:: ACTIVITY ::
Could you filter the material and copy every line where the word "tangent" occurs?

:: GIVEN DATA ::
|---|
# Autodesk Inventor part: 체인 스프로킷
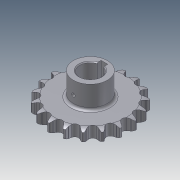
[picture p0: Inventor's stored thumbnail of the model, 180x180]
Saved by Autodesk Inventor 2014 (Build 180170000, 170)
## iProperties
Created: 2014-07
Part Number: 체인 스프로킷
Material: 강
Document SubType Name: Modeling
Designer: KYOUNG IL JANG
Density: 7.85 g/cm^3
Appearance: 강철
Mass: 738.603 g
Surface Area: 236.854 cm^2
Volume: 94.0896 cm^3
CustomPartVersion: 1
Company: 한국ATC센터
Author: KYOUNG IL JANG
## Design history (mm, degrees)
sketch "이론적 톱니 프로파일"
  geometry: L1 (0, 0)-(0, 45.567); L2 (0, 0)-(14.795, 43.098); L3 (0, 45.567)-(14.795, 43.098); L4 (0, 45.567)-(5.661, 50.015); L5 (5.661, 50.015)-(-5.141, 45.406); L6 (-12.428, 43.493)-(-5.573, 46.417); L7 (-5.141, 45.406)-(-5.573, 46.417); L8 (5.573, 46.417)-(5.141, 45.406); L9 (0, 0)-(8.138, 48.771); A1 r 45.567 centre (0, 0) between (0, 45.567) and (14.795, 43.098); A2 r 49.445 centre (0, 0) between (7.302, 48.903) and (-7.302, 48.903); A3 r 4.545 centre (0, 45.567) between (-3.574, 42.758) and (3.574, 42.758); A4 r 7.453 centre (12.428, 43.493) between (7.302, 48.903) and (5.573, 46.417); A5 r 7.453 centre (-12.428, 43.493) between (-5.573, 46.417) and (-7.302, 48.903); A6 r 11.745 centre (5.661, 50.015) between (-5.141, 45.406) and (-3.574, 42.758); A7 r 11.745 centre (-5.661, 50.015) between (3.574, 42.758) and (5.141, 45.406); 2 further points
  constraints: 18 end point, 15 point on circle, 7 centre point, 3 coincident, 3 point on line, 3 symmetric about line, 3 tangent, 1 equal radius, 1 midpoint, 1 parallel, 1 vertical, 1 other
  dimensions: "d0" = 91.13301 diameter of A1 (computed from da_p, da_z); "d2" = 18.9474 deg angle of L2 L1 (computed from da_z); "d3" = 4.545 radius of A3 (= 0.5 x da_Dr + da_SC); "d10" = 128.158 deg angle of L4 L1 (computed from da_z); "d11" = 15.0526 deg angle of L5 L4 (computed from da_z); "d12" = 7.2 distance of L3.start L4.end (= 0.8 x da_Dr); "d13" = 11.745 distance of L4.end L5.end (= 1.3 x da_Dr + da_SC); "d14" = 12.6 distance of A4.centre L1.end (= 1.4 x da_Dr); "d23" = 4.5 distance from line of L9.end L3 (= da_Ha)
sketch "톱니 프로파일"
  geometry: L1 (0, 0)-(0, 45.567); L2 (0, 45.567)-(4.203, 43.837); L3 (0, 45.567)-(-4.203, 43.837); A1 r 4.545 centre (0, 45.567) between (-4.203, 43.837) and (4.203, 43.837); A2 r 22.68 centre (25.176, 35.206) between (7.12, 48.93) and (4.203, 43.837); A3 r 22.68 centre (-25.176, 35.206) between (-4.203, 43.837) and (-7.12, 48.93); A4 r 49.445 centre (0, 0) between (-7.12, 48.93) and (7.12, 48.93) reference; 1 further point
  constraints: 9 point on circle, 6 end point, 3 centre point, 2 tangent, 1 coincident, 1 equal radius, 1 vertical, 1 other
  dimensions: "d44" = 135.263 deg angle of L3 L2 (= da_Alfa); "d45" = 22.68 radius of A2 (= da_Re); "d46" = 4.545 radius of A1 (= da_Ri)
sketch "단면 프로파일"
  geometry: L1 (49.445, 0)-(-49.445, 0) reference; L2 (33.265, 6.65)-(-33.265, 6.65); L3 (-33.265, 6.65)-(-33.265, -6.65); L4 (-33.265, -6.65)-(33.265, -6.65); L5 (33.265, -6.65)-(33.265, 6.65); L6 (33.265, 6.65)-(49.445, 6.65); L7 (49.445, 6.65)-(49.445, -6.65); L8 (49.445, -6.65)-(33.265, -6.65); L9 (33.265, -6.65)-(33.265, 6.65); L10 (42.183, 6.65)-(0, 6.65); L11 (0, 6.65)-(0, -6.65); L12 (0, -6.65)-(42.183, -6.65); L13 (0, 6.65)-(0, -6.65); L14 (49.445, 4.775)-(49.445, -4.775); A1 r 15 centre (42.183, -8.35) between (49.445, 4.775) and (42.183, 6.65); A2 r 15 centre (42.183, 8.35) between (42.183, -6.65) and (49.445, -4.775); 2 further points
  constraints: 26 end point, 7 midpoint, 5 perpendicular, 4 parallel, 4 point on circle, 3 point on line, 3 symmetric about line, 2 centre point, 2 horizontal, 2 tangent, 1 collinear, 1 other
  dimensions: "d30" = 13.3 distance between parallel lines of L8 L6 (= da_Bf); "d31" = 66.53007 distance between parallel lines of L3 L5 (= da_Ds); "d32" = 13.3 distance between parallel lines of L4 L2 (= da_Bs); "d33" = 1.875 distance from line of L14.start L6 (= da_Ba); "d34" = 15 radius of A1 (= da_Rx); "d43" = 6.65 distance between parallel lines of L4 L1 (computed from da_k, da_pt, da_Bs)
revolve "슈라우드" stored, may be unused: angle "d36" = 90 deg
revolve "스트랜드" stored, may be unused: angle "d37" = 90 deg
extrude "이론적 톱니" cut sketch "이론적 톱니 프로파일" stored distance "d18" = 10; taper "d19" = 0 deg; dims "d49" = 0, "form_type" = 0 [user parameter]
extrude "톱니" cut sketch "톱니 프로파일" stored distance "d47" = 10; taper "d48" = 0 deg; dims "d50" = 10, "form_type" = 0 [user parameter]
node "타이밍 평면"
node "작업 평면3"
sketch "스케치5"
  geometry: C1 r 20 at (0, -45.567); 1 further point
  constraints: 1 centre point, 1 coincident
  dimensions: "d52" = 40 diameter of C1
extrude "돌출4" join sketch "스케치5" stored distance "d53" = 10; taper "d54" = 0 deg
sketch "스케치6"
  geometry: L1 (4, 11.843)-(4, 16.5); L2 (4, 16.5)-(-4, 16.5); L3 (-4, 16.5)-(-4, 11.843); A1 r 12.5 centre (0, 0) between (4, 11.843) and (-4, 11.843); 1 further point
  constraints: 6 end point, 2 parallel, 2 point on circle, 1 centre point, 1 coincident, 1 perpendicular, 1 vertical
  dimensions: "d55" = 25 diameter of A1; "d56" = 29 dimension on A1 L2 (computed from d55); "d57" = 8 distance of L1.end L2.end
extrude "돌출5" cut sketch "스케치6" stored distance "d58" = 10; taper "d59" = 0 deg
fillet "모깎기2" dims "d60" = 3
chamfer "모따기1" distance "d61" = 1; stored, may be unused: second distance "d62" = 2, angle "d63" = 45 deg
node "작업 평면4"
sketch "스케치7"
  geometry: L1 (-13.5, -13.3)-(13.5, -13.3) reference; 4 further points
  constraints: 1 vertical alignment
  dimensions: "d65" = 25 distance from line of point (0, 11.7) L1
hole "구멍1" sketch "스케치7" at (0, 11.7) diameter "d66" = 4.134; stored, may be unused: countersink angle "d70" = 90 deg, drill point angle "d72" = 118 deg; dims "d67" = 6, "d68" = 4, "d69" = 2, "d71" = 8
body "Solid1"
pattern_linear "스트랜드 패턴" dims "d40" = 24 (= da_pt)
pattern_circular "톱니 패턴" dims angle "d21" = 360 deg
other parameters: "da_p" = 15 [user parameter; used in 1 equation term], "da_Dr" = 9 [user parameter; used in 4 equation terms], "da_SC" = 0.045 [user parameter; used in 2 equation terms], "da_Ha" = 4.5 [user parameter; used in 1 equation term], "da_pt" = 24 [user parameter; used in 2 equation terms], "da_Bf" = 13.3 [user parameter; used in 1 equation term], "d28" = 0, "d29" = 0, "da_Ba" = 1.875 [user parameter; used in 1 equation term], "da_Rx" = 15 [user parameter; used in 1 equation term], "da_Ra" = 0.6 [user parameter], "da_Bs" = 13.3 [user parameter; used in 2 equation terms], "da_Ds" = 66.53007 [user parameter; used in 1 equation term], "d42" = 0, "da_Re" = 22.68 [user parameter; used in 1 equation term], "da_Ri" = 4.545 [user parameter; used in 1 equation term], "da_Alfa" = 135.263 deg [user parameter; used in 1 equation term]
|---|
:: ANSWER TO THIS PROBLEM ::
  constraints: 18 end point, 15 point on circle, 7 centre point, 3 coincident, 3 point on line, 3 symmetric about line, 3 tangent, 1 equal radius, 1 midpoint, 1 parallel, 1 vertical, 1 other
  constraints: 9 point on circle, 6 end point, 3 centre point, 2 tangent, 1 coincident, 1 equal radius, 1 vertical, 1 other
  constraints: 26 end point, 7 midpoint, 5 perpendicular, 4 parallel, 4 point on circle, 3 point on line, 3 symmetric about line, 2 centre point, 2 horizontal, 2 tangent, 1 collinear, 1 other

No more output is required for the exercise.